▶ Records supplied:
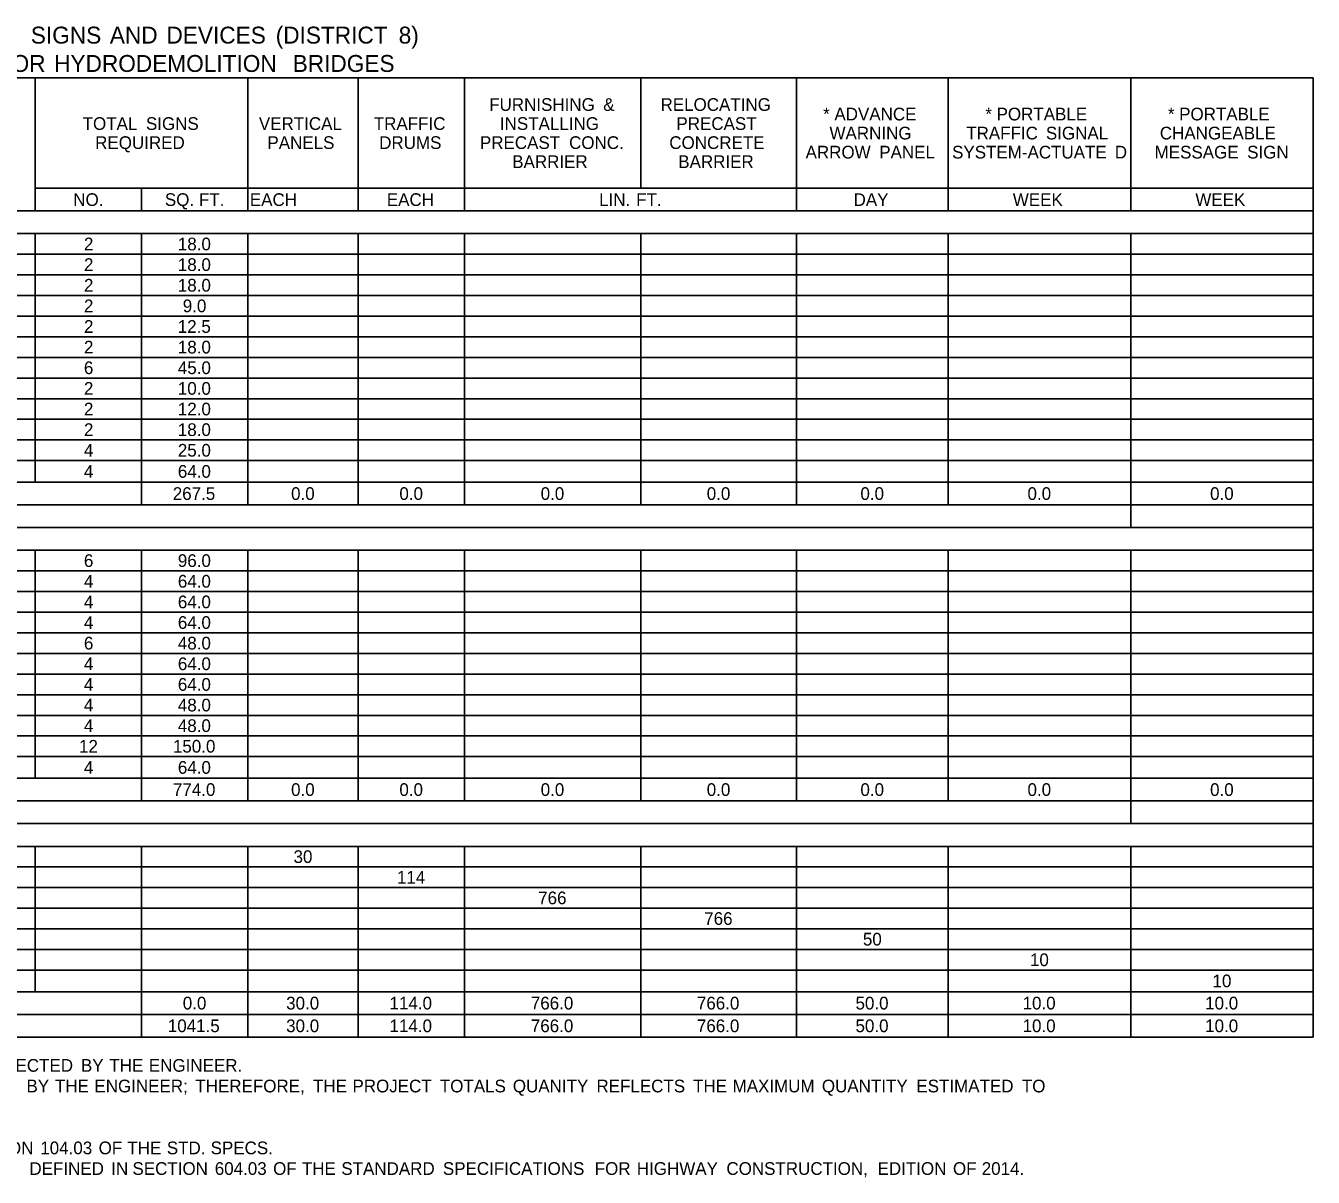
# Model space of a CAD drawing. Extents: x 540541 to 1930787, y -1948574 to 596640.
# Drawn here: x 542992 to 543601, y -1946816 to -1946271 of the extents above; entities that cross this region are included whole.
import ezdxf

# ---------------------------------------------------------------- set-up
doc = ezdxf.new("R2010")
doc.units = 0
doc.layers.add('Default', color=7, linetype='Continuous')

msp = doc.modelspace()

# ---------------------------------------------------------------- linework, layer by layer
at = {"layer": 'Default'}
for p, q in [((542470.09, -1946295.96), (543600.6, -1946295.96)), ((542996.59, -1946358.85), (542996.59, -1946295.96)), ((543097.02, -1946358.85), (543097.02, -1946295.96)), ((543149.18, -1946358.85), (543149.18, -1946295.96)), ((543199.39, -1946358.85), (543199.39, -1946295.96)), ((543282.75, -1946348.12), (543282.75, -1946295.96)), ((543356.37, -1946358.85), (543356.37, -1946295.96)), ((543428.03, -1946358.85), (543428.03, -1946295.96)), ((543514.32, -1946358.85), (543514.32, -1946295.96)), ((543600.6, -1946348.12), (543600.6, -1946295.96)), ((542996.59, -1946348.12), (543600.6, -1946348.12)), ((543046.8, -1946358.85), (543046.8, -1946348.12)), ((543149.18, -1946358.85), (543149.18, -1946348.12)), ((543514.32, -1946358.85), (543514.32, -1946348.12)), ((543600.6, -1946369.57), (543600.6, -1946348.12)), ((542470.09, -1946358.85), (543600.6, -1946358.85)), ((542938.58, -1946358.85), (543600.6, -1946358.85)), ((542470.09, -1946369.57), (543600.6, -1946369.57)), ((542996.59, -1946487.06), (542996.59, -1946369.57)), ((543046.8, -1946487.06), (543046.8, -1946369.57)), ((543046.8, -1946497.78), (543046.8, -1946369.57)), ((543097.02, -1946497.78), (543097.02, -1946369.57)), ((543097.02, -1946497.78), (543097.02, -1946369.57)), ((543149.18, -1946447.57), (543149.18, -1946369.57)), ((543149.18, -1946497.78), (543149.18, -1946369.57)), ((543199.39, -1946497.78), (543199.39, -1946369.57)), ((543199.39, -1946497.78), (543199.39, -1946369.57)), ((543282.75, -1946497.78), (543282.75, -1946369.57)), ((543282.75, -1946497.78), (543282.75, -1946369.57)), ((543356.37, -1946497.78), (543356.37, -1946369.57)), ((543356.37, -1946497.78), (543356.37, -1946369.57)), ((543428.03, -1946497.78), (543428.03, -1946369.57)), ((543514.32, -1946508.51), (543514.32, -1946369.57)), ((543600.6, -1946508.51), (543600.6, -1946369.57)), ((542470.09, -1946379.32), (543600.6, -1946379.32)), ((542470.09, -1946389.07), (543600.6, -1946389.07)), ((542470.09, -1946398.82), (543600.6, -1946398.82)), ((542470.09, -1946408.57), (543600.6, -1946408.57)), ((542470.09, -1946418.32), (543600.6, -1946418.32)), ((542470.09, -1946428.07), (543600.6, -1946428.07)), ((542470.09, -1946437.82), (543600.6, -1946437.82)), ((542470.09, -1946447.57), (543600.6, -1946447.57)), ((542470.09, -1946457.32), (543600.6, -1946457.32)), ((543149.18, -1946497.78), (543149.18, -1946457.32)), ((542470.09, -1946467.07), (543600.6, -1946467.07)), ((542470.09, -1946476.82), (543600.6, -1946476.82)), ((542470.09, -1946487.06), (543600.6, -1946487.06)), ((542470.09, -1946487.06), (543600.6, -1946487.06)), ((543428.03, -1946497.78), (543428.03, -1946487.06)), ((542470.09, -1946497.78), (543600.6, -1946497.78)), ((543514.32, -1946508.51), (543514.32, -1946497.78)), ((542470.09, -1946508.51), (543600.6, -1946508.51)), ((543600.6, -1946519.23), (543600.6, -1946508.51)), ((542470.09, -1946519.23), (543600.6, -1946519.23)), ((542996.59, -1946626.97), (542996.59, -1946519.23)), ((543046.8, -1946637.7), (543046.8, -1946519.23)), ((543046.8, -1946637.7), (543046.8, -1946519.23)), ((543097.02, -1946637.7), (543097.02, -1946519.23)), ((543097.02, -1946637.7), (543097.02, -1946519.23)), ((543149.18, -1946637.7), (543149.18, -1946519.23)), ((543149.18, -1946637.7), (543149.18, -1946519.23)), ((543199.39, -1946637.7), (543199.39, -1946519.23)), ((543199.39, -1946637.7), (543199.39, -1946519.23)), ((543282.75, -1946637.7), (543282.75, -1946519.23)), ((543282.75, -1946637.7), (543282.75, -1946519.23)), ((543356.37, -1946637.7), (543356.37, -1946519.23)), ((543356.37, -1946637.7), (543356.37, -1946519.23)), ((543428.03, -1946637.7), (543428.03, -1946519.23)), ((543514.32, -1946648.42), (543514.32, -1946519.23)), ((543600.6, -1946749.33), (543600.6, -1946519.23)), ((542470.09, -1946528.98), (543600.6, -1946528.98)), ((542470.09, -1946538.73), (543600.6, -1946538.73)), ((542470.09, -1946548.48), (543600.6, -1946548.48)), ((542470.09, -1946558.23), (543600.6, -1946558.23)), ((542470.09, -1946567.98), (543600.6, -1946567.98)), ((542470.09, -1946577.73), (543600.6, -1946577.73)), ((542470.09, -1946587.48), (543600.6, -1946587.48)), ((542470.09, -1946597.23), (543600.6, -1946597.23)), ((542470.09, -1946606.98), (543600.6, -1946606.98)), ((542470.09, -1946616.73), (543600.6, -1946616.73)), ((542470.09, -1946626.97), (543600.6, -1946626.97)), ((543097.02, -1946626.97), (543600.6, -1946626.97)), ((543428.03, -1946637.7), (543428.03, -1946626.97)), ((542470.09, -1946637.7), (543600.6, -1946637.7)), ((543514.32, -1946648.42), (543514.32, -1946637.7)), ((542470.09, -1946648.42), (543600.6, -1946648.42)), ((542470.09, -1946659.15), (543600.6, -1946659.15)), ((542996.59, -1946727.88), (542996.59, -1946659.15)), ((543046.8, -1946749.33), (543046.8, -1946659.15)), ((543046.8, -1946749.33), (543046.8, -1946659.15)), ((543097.02, -1946749.33), (543097.02, -1946659.15)), ((543097.02, -1946749.33), (543097.02, -1946659.15)), ((543149.18, -1946749.33), (543149.18, -1946659.15)), ((543149.18, -1946749.33), (543149.18, -1946659.15)), ((543199.39, -1946749.33), (543199.39, -1946659.15)), ((543199.39, -1946749.33), (543199.39, -1946659.15)), ((543282.75, -1946707.9), (543282.75, -1946659.15)), ((543282.75, -1946749.33), (543282.75, -1946659.15)), ((543356.37, -1946678.65), (543356.37, -1946659.15)), ((543356.37, -1946749.33), (543356.37, -1946659.15)), ((543428.03, -1946749.33), (543428.03, -1946659.15)), ((543514.32, -1946749.33), (543514.32, -1946659.15)), ((542470.09, -1946668.9), (543600.6, -1946668.9)), ((542470.09, -1946678.65), (543600.6, -1946678.65)), ((542938.58, -1946688.4), (543282.75, -1946688.4)), ((542996.59, -1946688.4), (543199.39, -1946688.4)), ((543199.39, -1946688.4), (543600.6, -1946688.4)), ((543356.37, -1946749.33), (543356.37, -1946688.4)), ((542470.09, -1946698.15), (543600.6, -1946698.15)), ((542470.09, -1946707.9), (543600.6, -1946707.9)), ((542470.09, -1946717.65), (543600.6, -1946717.65)), ((543282.75, -1946749.33), (543282.75, -1946717.65)), ((542470.09, -1946727.88), (543514.32, -1946727.88)), ((542470.09, -1946727.88), (543600.6, -1946727.88)), ((543428.03, -1946749.33), (543428.03, -1946727.88)), ((543514.32, -1946727.88), (543600.6, -1946727.88)), ((542470.09, -1946738.61), (543600.6, -1946738.61)), ((542470.09, -1946749.33), (543600.6, -1946749.33))]:
    msp.add_line(p, q, dxfattribs=at)

# ---------------------------------------------------------------- texts
for s, height, p in [(' SIGNS', 8, (542991.5, -1946279.73)), (' AND', 8, (543028.84, -1946279.73)), (' DEVICES', 8, (543055.61, -1946279.73)), (' (DISTRICT', 8, (543107.24, -1946279.73)), (' 8)', 8, (543165.37, -1946279.73)), (' FOR', 8, (542975.87, -1946293.13)), (' HYDRODEMOLITION', 8, (543002.51, -1946293.13)), (' BRIDGES', 8, (543115.26, -1946293.13)), ('FURNISHING', 6, (543211.12, -1946311.54)), (' &', 6, (543262.78, -1946311.54)), ('RELOCATING', 6, (543292.1, -1946311.54)), ('*', 6, (543368.97, -1946316.04)), (' ADVANCE', 6, (543372.05, -1946316.04)), ('*', 6, (543445.62, -1946316.04)), (' PORTABLE', 6, (543448.7, -1946316.04)), ('*', 6, (543531.91, -1946316.04)), (' PORTABLE', 6, (543534.99, -1946316.04)), ('TOTAL', 6, (543018.96, -1946320.54)), (' SIGNS', 6, (543046.65, -1946320.54)), ('VERTICAL', 6, (543102.26, -1946320.54)), ('TRAFFIC', 6, (543156.57, -1946320.54)), ('INSTALLING', 6, (543216.18, -1946320.54)), ('PRECAST', 6, (543299.61, -1946320.54)), ('WARNING', 6, (543371.96, -1946325.04)), ('TRAFFIC', 6, (543436.58, -1946325.04)), (' SIGNAL', 6, (543472.01, -1946325.04)), ('CHANGEABLE', 6, (543528.09, -1946325.04)), ('REQUIRED', 6, (543024.88, -1946329.54)), ('PANELS', 6, (543106.3, -1946329.54)), ('DRUMS', 6, (543159.12, -1946329.54)), ('PRECAST', 6, (543206.74, -1946329.54)), (' CONC.', 6, (543246.64, -1946329.54)), ('CONCRETE', 6, (543296.24, -1946329.54)), ('ARROW', 6, (543360.66, -1946334.04)), (' PANEL', 6, (543393.25, -1946334.04)), ('SYSTEM-ACTUATE', 6, (543429.9, -1946334.04)), ('D', 6, (543506.81, -1946334.04)), ('MESSAGE', 6, (543525.63, -1946334.04)), (' SIGN', 6, (543567.14, -1946334.04)), ('BARRIER', 6, (543222, -1946338.54)), ('BARRIER', 6, (543300.48, -1946338.54)), ('NO.', 6, (543014.53, -1946356.48)), ('SQ.', 6, (543057.82, -1946356.48)), (' FT.', 6, (543071.68, -1946356.48)), ('EACH', 6, (543097.99, -1946356.48)), ('EACH', 6, (543162.73, -1946356.48)), ('LIN.', 6, (543263.09, -1946356.48)), (' FT.', 6, (543278.35, -1946356.48)), ('DAY', 6, (543383.34, -1946356.48)), ('WEEK', 6, (543458.6, -1946356.48)), ('WEEK', 6, (543544.89, -1946356.48)), ('2', 6, (543019.59, -1946377.45)), ('18.0', 6, (543063.96, -1946377.45)), ('2', 6, (543019.59, -1946387.2)), ('18.0', 6, (543063.96, -1946387.2)), ('2', 6, (543019.59, -1946396.95)), ('18.0', 6, (543063.96, -1946396.95)), ('2', 6, (543019.59, -1946406.7)), ('9.0', 6, (543066.29, -1946406.7)), ('2', 6, (543019.59, -1946416.45)), ('12.5', 6, (543063.92, -1946416.45)), ('2', 6, (543019.59, -1946426.2)), ('18.0', 6, (543063.96, -1946426.2)), ('6', 6, (543019.56, -1946435.95)), ('45.0', 6, (543063.96, -1946435.95)), ('2', 6, (543019.59, -1946445.7)), ('10.0', 6, (543063.96, -1946445.7)), ('2', 6, (543019.59, -1946455.45)), ('12.0', 6, (543063.96, -1946455.45)), ('2', 6, (543019.59, -1946465.2)), ('18.0', 6, (543063.96, -1946465.2)), ('4', 6, (543019.57, -1946474.95)), ('25.0', 6, (543063.96, -1946474.95)), ('4', 6, (543019.57, -1946484.94)), ('64.0', 6, (543063.96, -1946484.94)), ('267.5', 6, (543061.55, -1946495.42)), ('0.0', 6, (543117.48, -1946495.42)), ('0.0', 6, (543168.67, -1946495.42)), ('0.0', 6, (543235.45, -1946495.42)), ('0.0', 6, (543313.94, -1946495.42)), ('0.0', 6, (543386.58, -1946495.42)), ('0.0', 6, (543465.55, -1946495.42)), ('0.0', 6, (543551.84, -1946495.42)), ('6', 6, (543019.56, -1946527.11)), ('96.0', 6, (543063.96, -1946527.11)), ('4', 6, (543019.57, -1946536.86)), ('64.0', 6, (543063.96, -1946536.86)), ('4', 6, (543019.57, -1946546.61)), ('64.0', 6, (543063.96, -1946546.61)), ('4', 6, (543019.57, -1946556.36)), ('64.0', 6, (543063.96, -1946556.36)), ('6', 6, (543019.56, -1946566.11)), ('48.0', 6, (543063.96, -1946566.11)), ('4', 6, (543019.57, -1946575.86)), ('64.0', 6, (543063.96, -1946575.86)), ('4', 6, (543019.57, -1946585.61)), ('64.0', 6, (543063.96, -1946585.61)), ('4', 6, (543019.57, -1946595.36)), ('48.0', 6, (543063.96, -1946595.36)), ('4', 6, (543019.57, -1946605.11)), ('48.0', 6, (543063.96, -1946605.11)), ('12', 6, (543017.26, -1946614.86)), ('150.0', 6, (543061.63, -1946614.86)), ('4', 6, (543019.57, -1946624.85)), ('64.0', 6, (543063.96, -1946624.85)), ('774.0', 6, (543061.63, -1946635.33)), ('0.0', 6, (543117.48, -1946635.33)), ('0.0', 6, (543168.67, -1946635.33)), ('0.0', 6, (543235.45, -1946635.33)), ('0.0', 6, (543313.94, -1946635.33)), ('0.0', 6, (543386.58, -1946635.33)), ('0.0', 6, (543465.55, -1946635.33)), ('0.0', 6, (543551.84, -1946635.33)), ('30', 6, (543118.64, -1946667.02)), ('114', 6, (543167.5, -1946676.77)), ('766', 6, (543234.27, -1946686.52)), ('766', 6, (543312.76, -1946696.27)), ('50', 6, (543387.74, -1946706.02)), ('10', 6, (543466.71, -1946715.77)), ('10', 6, (543553, -1946725.76)), ('0.0', 6, (543066.29, -1946736.25)), ('30.0', 6, (543115.15, -1946736.25)), ('114.0', 6, (543164.01, -1946736.25)), ('766.0', 6, (543230.79, -1946736.25)), ('766.0', 6, (543309.28, -1946736.25)), ('50.0', 6, (543384.25, -1946736.25)), ('10.0', 6, (543463.22, -1946736.25)), ('10.0', 6, (543549.51, -1946736.25)), ('1041.5', 6, (543059.22, -1946746.97)), ('30.0', 6, (543115.15, -1946746.97)), ('114.0', 6, (543164.01, -1946746.97)), ('766.0', 6, (543230.79, -1946746.97)), ('766.0', 6, (543309.28, -1946746.97)), ('50.0', 6, (543384.25, -1946746.97)), ('10.0', 6, (543463.22, -1946746.97)), ('10.0', 6, (543549.51, -1946746.97)), (' DIRECTED', 6, (542971.19, -1946765.68)), (' BY', 6, (543015.92, -1946765.68)), (' THE', 6, (543029.37, -1946765.68)), (' ENGINEER.', 6, (543048.02, -1946765.68)), (' BY', 6, (542990.19, -1946775.43)), (' THE', 6, (543003.64, -1946775.43)), (' ENGINEER;', 6, (543022.29, -1946775.43)), (' THEREFORE,', 6, (543070, -1946775.43)), (' THE', 6, (543125.62, -1946775.43)), (' PROJECT', 6, (543144.26, -1946775.43)), (' TOTALS', 6, (543185.56, -1946775.43)), (' QUANITY', 6, (543220.06, -1946775.43)), (' REFLECTS', 6, (543259.59, -1946775.43)), (' THE', 6, (543305.27, -1946775.43)), (' MAXIMUM', 6, (543323.92, -1946775.43)), (' QUANTITY', 6, (543366.13, -1946775.43)), (' ESTIMATED', 6, (543410.78, -1946775.43)), (' TO', 6, (543460.65, -1946775.43)), (' SECTION', 6, (542957.8, -1946804.68)), (' 104.03', 6, (542996.71, -1946804.68)), (' OF', 6, (543024.29, -1946804.68)), (' THE', 6, (543037.87, -1946804.68)), (' STD.', 6, (543056.52, -1946804.68)), (' SPECS.', 6, (543077.22, -1946804.68)), (' DEFINED', 6, (542991.57, -1946814.43)), (' IN', 6, (543030.25, -1946814.43)), (' SECTION', 6, (543040.28, -1946814.43)), (' 604.03', 6, (543079.18, -1946814.43)), (' OF', 6, (543106.76, -1946814.43)), (' THE', 6, (543120.35, -1946814.43)), (' STANDARD', 6, (543139, -1946814.43)), (' SPECIFICATIONS', 6, (543187, -1946814.43)), (' FOR', 6, (543258.76, -1946814.43)), (' HIGHWAY', 6, (543278.67, -1946814.43)), (' CONSTRUCTION,', 6, (543321, -1946814.43)), (' EDITION', 6, (543392.44, -1946814.43)), (' OF', 6, (543428.08, -1946814.43)), (' 2014.', 6, (543441.67, -1946814.43))]:
    msp.add_text(s, height=height, dxfattribs=at).set_placement(p)

doc.saveas('drawing.dxf')

▶ Problem details:
Say how many lines in the data above contain the string "drawing", and give no other output.

▶ Answer area:
2